The problem statement
The problem is taken from LeetCode.
The solution
We can write a helper function int dfs(TreeNode* root, int& max) that recursively computes the height of all possible subtrees. This algorithm is called depth-first search and quite common in tree and graph problems. The diameter of these subtrees through their respective root node will simply be the combined heights of the left and the right subtrees. Comparison of the diameter computed for the current subtree with a global variable max allows the find the global maximum diameter.

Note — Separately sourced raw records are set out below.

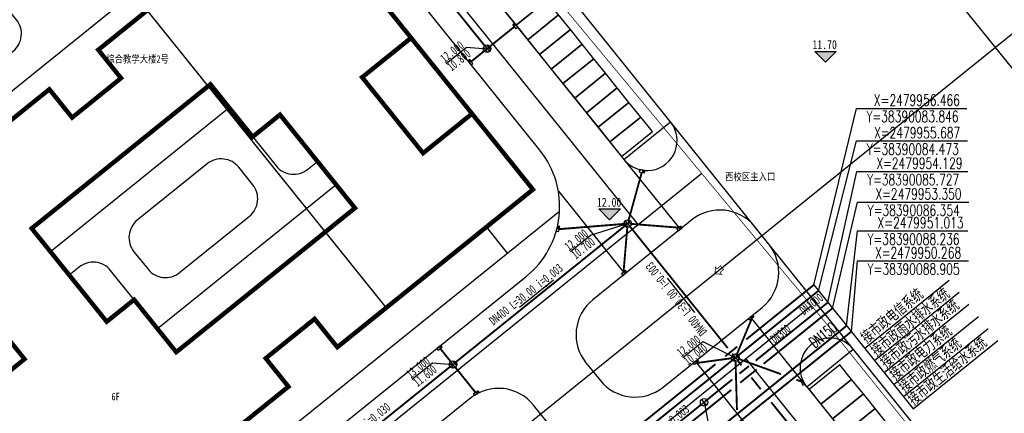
# Model space of a CAD drawing. Extents: x 38389316 to 38392219, y 2477539 to 2480586.
# Tile 34 of 43: x 38389978 to 38390109, y 2479939 to 2479992. Entities that reach past the tile are written whole.
import ezdxf
from ezdxf.enums import TextEntityAlignment as Align

# ---------------------------------------------------------------- set-up
doc = ezdxf.new("R2010")
doc.units = 0
doc.header["$LTSCALE"] = 1000
doc.header["$MEASUREMENT"] = 0
for name, pattern in [('CENTER2', [1.125, 0.75, -0.125, 0.125, -0.125]), ('DASH', [0.35, 0.25, -0.1]), ('PHANTOM2', [1.25, 0.625, -0.125, 0.125, -0.125, 0.125, -0.125])]:
    doc.linetypes.add(name, pattern=pattern)
doc.layers.get('0').update_dxf_attribs({"linetype": 'CONTINUOUS'})
for name, color, linetype in [('000001', 2, 'CONTINUOUS'), ('DIM_ELEV', 8, 'CONTINUOUS'), ('DIM_污水', 3, 'CONTINUOUS'), ('PIPE-中水', 4, 'TG_GS'), ('PIPE-中水中', 3, 'TG_DL'), ('PIPE-中水高', 7, 'TG_DX'), ('PIPE-污水', 2, 'CONTINUOUS'), ('PIPE-给水', 6, 'TG_J'), ('PIPE-雨水', 9, 'CONTINUOUS'), ('TWT_COOR', 3, 'CONTINUOUS'), ('u-road', 4, 'CONTINUOUS'), ('U_室外车位', 3, 'CONTINUOUS'), ('XG-雨水井', 2, 'CONTINUOUS'), ('YD_地块界线', 7, 'CONTINUOUS'), ('建筑', 31, 'CONTINUOUS'), ('建筑轮廓', 2, 'CONTINUOUS'), ('文字', 7, 'CONTINUOUS'), ('用地界线', 8, 'CONTINUOUS'), ('路中线', 7, 'CENTER2'), ('道路', 33, 'CONTINUOUS'), ('雨水', 130, 'CONTINUOUS')]:
    doc.layers.add(name, color=color, linetype=linetype)
doc.layers.add('图框文字', color=7, linetype='CONTINUOUS', lineweight=9)
doc.styles.add('-宋体', font='txt', dxfattribs={"width": 0.8})
doc.styles.add('-黑体', font='simhei.ttf', dxfattribs={"width": 0.8, "height": 300})
doc.styles.add('_TCH_DIM', font='SIMPLEX', dxfattribs={"bigfont": 'GBCBIG'})
doc.styles.add('DIM_FONT', font='SIMPLEX', dxfattribs={"width": 0.7, "bigfont": 'GBCBIG'})
doc.styles.add('DIMHT', font='simhei.ttf', dxfattribs={"width": 0.8})
doc.styles.add('TG_LINETYPE', font='SIMPLEX', dxfattribs={"width": 0.8, "height": 3, "bigfont": 'HZTXT'})
doc.styles.add('中等线体', font='txt', dxfattribs={"width": 0.8})
doc.styles.add('人防黑体', font='simhei.ttf', dxfattribs={"width": 0.7})
doc.linetypes.add('TG_DL', pattern='A,2,-0.6,["DL",TG_LINETYPE,S=0.1,R=0,X=-0.52,Y=-0.15],0', length=2.6)
doc.linetypes.add('TG_DX', pattern='A,2,-0.6,["DX",TG_LINETYPE,S=0.1,R=0,X=-0.52,Y=-0.15],0', length=2.6)
doc.linetypes.add('TG_GS', pattern='A,2,-0.6,["GS",TG_LINETYPE,S=0.1,R=0,X=-0.52,Y=-0.15],0', length=2.6)
doc.linetypes.add('TG_J', pattern='A,2,-0.3,["J",TG_LINETYPE,S=0.1,R=0,X=-0.23,Y=-0.15],0', length=2.3)
doc.linetypes.add('未加固陡坎', pattern='A,2,[150,AAA.SHX,S=0.5,R=0,X=0,Y=0.5],1e-11', length=2)

# ---------------------------------------------------------------- blocks, each defined once
blk = doc.blocks.new('排水雨水检修井')
for p, q in [((-1, 0), (1, 0)), ((0, -1), (0, 1))]:
    blk.add_line(p, q)
blk.add_circle((0, 0), 1)
blk = doc.blocks.new('雨水井')
for p, q in [((-1, 0), (1, 0)), ((-0.84, 0.55), (0.84, 0.55)), ((-0.84, -0.54), (0.84, -0.54))]:
    blk.add_line(p, q)
blk.add_lwpolyline([(0, -1), (0, 1)])
blk.add_circle((0, 0), 1)
blk = doc.blocks.new('_ARROW')
blk.add_solid([(0, 0), (-1, 0.1), (-1, -0.1)])
blk = doc.blocks.new('hyvahavb')
at = {"layer": 'DIM_ELEV'}
blk.add_hatch(color=8, dxfattribs=at).paths.add_polyline_path([(-173.18, -4360.83), (-182.18, -4351.83), (-164.18, -4351.83)])
at = {"layer": 'DIM_ELEV', "color": 8}
for p, q in [((-173.18, -4360.83), (-182.18, -4351.83)), ((-182.18, -4351.83), (-164.18, -4351.83)), ((-173.18, -4360.83), (-164.18, -4351.83))]:
    blk.add_line(p, q, dxfattribs=at)
blk = doc.blocks.new('202210211F')
at = {"layer": 'u-road', "color": 8, "flags": 128}
for points in [[(38392314.8, 2482150.16), (38392397.89, 2482046.95)], [(38392397.89, 2482046.95), (38392404.12, 2482051.97)], [(38392397.89, 2482046.95), (38392405.42, 2482037.61)], [(38392389.12, 2482042.7), (38392398.02, 2482031.65)], [(38392422.35, 2482016.58), (38392414.82, 2482025.92)], [(38392422.35, 2482016.58), (38392428.58, 2482021.59)], [(38392422.35, 2482016.58), (38392428.58, 2482021.59)], [(38392407.42, 2482019.97), (38392416.32, 2482008.91)], [(38392422.35, 2482016.58), (38392460.6, 2481969.06)]]:
    blk.add_lwpolyline(points, dxfattribs=at)
for points in [[(38392384.82, 2482031.3), (38392384.82, 2482031.3, 0.414214), (38392386.64, 2482048.17), (38392312.33, 2482140.47, 0.414214), (38392295.46, 2482142.29), (38392288.6, 2482136.78)], [(38392415.41, 2482037.95, 0.414213), (38392406.97, 2482038.86), (38392393.73, 2482028.2, 0.414215), (38392392.82, 2482019.76), (38392394.7, 2482017.43, 0.414212), (38392403.14, 2482016.52), (38392416.38, 2482027.18, 0.414214), (38392417.29, 2482035.61), (38392415.41, 2482037.95)], [(38392290.05, 2482031.64), (38392319.97, 2481994.49, 0.414214), (38392336.84, 2481992.67), (38392384.82, 2482031.3)], [(38392387.69, 2482011.78), (38392385.81, 2482014.12, 0.414212), (38392377.37, 2482015.03), (38392365.3, 2482005.31, 0.414215), (38392364.39, 2481996.87), (38392366.27, 2481994.54, 0.414212), (38392374.71, 2481993.63), (38392386.78, 2482003.35, 0.414215), (38392387.69, 2482011.78), (38392385.81, 2482014.12)]]:
    blk.add_lwpolyline(points, format="xyb", dxfattribs=at)
at = {"layer": 'u-road', "color": 8}
for centre, start, end in [((38392401.01, 2482049.46), 218.8366, 38.8366), ((38392425.46, 2482019.08), 38.8369, 218.8369)]:
    blk.add_arc(centre, 4, start, end, dxfattribs=at)
at = {"layer": 'U_室外车位', "color": 8}
for points in [[(38392381.9, 2482066.82), (38392383.47, 2482064.87), (38392387.6, 2482068.19), (38392386.03, 2482070.14)], [(38392383.47, 2482064.87), (38392385.04, 2482062.92), (38392389.16, 2482066.25), (38392387.6, 2482068.19)], [(38392385.04, 2482062.92), (38392386.6, 2482060.97), (38392390.73, 2482064.3), (38392389.16, 2482066.25)], [(38392386.6, 2482060.97), (38392388.17, 2482059.03), (38392392.3, 2482062.35), (38392390.73, 2482064.3)], [(38392388.17, 2482059.03), (38392389.74, 2482057.08), (38392393.87, 2482060.4), (38392392.3, 2482062.35)], [(38392389.74, 2482057.08), (38392391.31, 2482055.13), (38392395.44, 2482058.46), (38392393.87, 2482060.4)], [(38392391.31, 2482055.13), (38392392.88, 2482053.18), (38392397, 2482056.51), (38392395.44, 2482058.46)], [(38392392.88, 2482053.18), (38392394.44, 2482051.24), (38392398.57, 2482054.56), (38392397, 2482056.51)], [(38392394.44, 2482051.24), (38392396.01, 2482049.29), (38392400.14, 2482052.61), (38392398.57, 2482054.56)], [(38392396.01, 2482049.29), (38392397.58, 2482047.34), (38392401.71, 2482050.67), (38392400.14, 2482052.61)], [(38392422.66, 2482016.19), (38392424.23, 2482014.24), (38392428.36, 2482017.56), (38392426.79, 2482019.51)], [(38392424.23, 2482014.24), (38392425.8, 2482012.29), (38392429.93, 2482015.62), (38392428.36, 2482017.56)], [(38392425.8, 2482012.29), (38392427.37, 2482010.34), (38392431.49, 2482013.67), (38392429.93, 2482015.62)], [(38392427.37, 2482010.34), (38392428.93, 2482008.4), (38392433.06, 2482011.72), (38392431.49, 2482013.67)]]:
    blk.add_lwpolyline(points, close=True, dxfattribs=at)
at = {"layer": 'YD_地块界线', "color": 8, "flags": 128}
blk.add_lwpolyline([(38392632.19, 2481768.68), (38392209.29, 2482293.97, 0.356791)], format="xyb", dxfattribs=at)
at = {"layer": '图框文字', "color": 8, "const_width": 0.101}
blk.add_lwpolyline([(38392411.22, 2482032.26), (38392410.81, 2482032.72), (38392410.35, 2482032.3), (38392410.12, 2482032.57), (38392410.1, 2482031.67), (38392410.98, 2482031.59), (38392410.76, 2482031.84)], close=True, dxfattribs=at)
at = {"layer": '建筑', "color": 8, "linetype": 'DASH', "ltscale": 10, "const_width": 0.2, "flags": 128}
blk.add_lwpolyline([(38392287.71, 2482124.5), (38392307.33, 2482140.3), (38392339.32, 2482100.57), (38392331.84, 2482094.55), (38392346.26, 2482076.64), (38392353.74, 2482082.66), (38392385.72, 2482042.93), (38392366.09, 2482027.13)], close=True, dxfattribs=at)
at = {"layer": '建筑轮廓', "color": 8, "const_width": 0.6, "flags": 128}
for points in [[(38392326.83, 2481995.52), (38392311.16, 2482015), (38392317.7, 2482020.27), (38392309.55, 2482030.39), (38392303, 2482025.12), (38392294.85, 2482035.25), (38392321.02, 2482056.32), (38392324.07, 2482052.54), (38392330.61, 2482057.81), (38392327.57, 2482061.59), (38392353.74, 2482082.66), (38392369.42, 2482063.19), (38392362.87, 2482057.92), (38392371.03, 2482047.79), (38392377.57, 2482053.06), (38392385.72, 2482042.93), (38392359.55, 2482021.86), (38392356.51, 2482025.64), (38392349.97, 2482020.37), (38392353.01, 2482016.59)], [(38392338, 2482021.2), (38392332.36, 2482028.21), (38392328.7, 2482025.27), (38392318.66, 2482037.73), (38392342.57, 2482056.98), (38392348.22, 2482049.97), (38392351.88, 2482052.92), (38392361.91, 2482040.45)]]:
    blk.add_lwpolyline(points, close=True, dxfattribs=at)
blk.add_lwpolyline([(38392377.57, 2482053.06), (38392369.42, 2482063.19)], dxfattribs=at)
at = {"layer": '用地界线', "color": 10, "linetype": 'PHANTOM2', "ltscale": 0.01, "const_width": 0.1, "flags": 128}
blk.add_lwpolyline([(38392235.26, 2482101.89), (38392270.9, 2482137.54), (38392306.54, 2482173.18), (38392373.95, 2482086.4), (38392424.95, 2482025.04), (38392448.56, 2481995.71), (38392438.61, 2481909.05), (38392429.45, 2481829.31), (38392429.01, 2481827.02), (38392427.12, 2481819.84), (38392426.6, 2481818.27), (38392426.26, 2481817.21), (38392425.43, 2481814.9), (38392423.82, 2481810.98), (38392421.79, 2481806.57), (38392418.72, 2481801.02), (38392414.83, 2481794.99), (38392410.53, 2481789.42), (38392405.59, 2481783.99), (38392398.87, 2481777.91), (38392396.95, 2481776.5), (38392345.95, 2481747.45), (38392111.41, 2481613.84), (38392109.01, 2481614.47), (38392106.98, 2481614.07), (38392098.15, 2481630.51), (38392116.12, 2481640.75), (38392101.21, 2481666.92), (38392135.86, 2481778.66), (38392136.38, 2481780.34), (38392181.47, 2481804.15), (38392192.72, 2481840.56), (38392168.94, 2481885.6), (38392177.65, 2481913.84), (38392177.59, 2481914.99), (38392183.13, 2481932.94), (38392184.52, 2481931.77), (38392189.13, 2481946.8), (38392199.95, 2481981.77), (38392198.7, 2481982.12), (38392198.34, 2481982.25), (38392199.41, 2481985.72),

The base case we have to consider is a node root of value nullptr, which will we simply assign a height of 0.
/**
* Definition for a binary tree node.
* struct TreeNode {
* int val;
* TreeNode *left;
* TreeNode *right;
* TreeNode() : val(0), left(nullptr), right(nullptr) {}
* TreeNode(int x) : val(x), left(nullptr), right(nullptr) {}
* TreeNode(int x, TreeNode *left, TreeNode *right) : val(x), left(left), right(right) {}
* };
*/
class Solution {
public:
int diameterOfBinaryTree(TreeNode* root) {
auto max = 0;
auto height = dfs(root, max);
return max;
}
int dfs(TreeNode* root, int& max) { // returns the height of the subtree starting from root
// base case
if (root == nullptr) {
return 0;
}
// dfs
auto left = dfs(root->left, max);
auto right = dfs(root->right, max);
auto diameter = left + right;
max = std::max(diameter, max);
// height is max height of subtree + node itself
return 1 + std::max(left, right);
}
};
Note that some people prefer assigning nodes of the base case nullptr a height of –1. We can compensate for this relative offset by adding 2 for our diameter variable. Instead of passing a reference to our max variable, we could also have the function dfs return a std::pair<int,int> consisting of the height and the max diameter.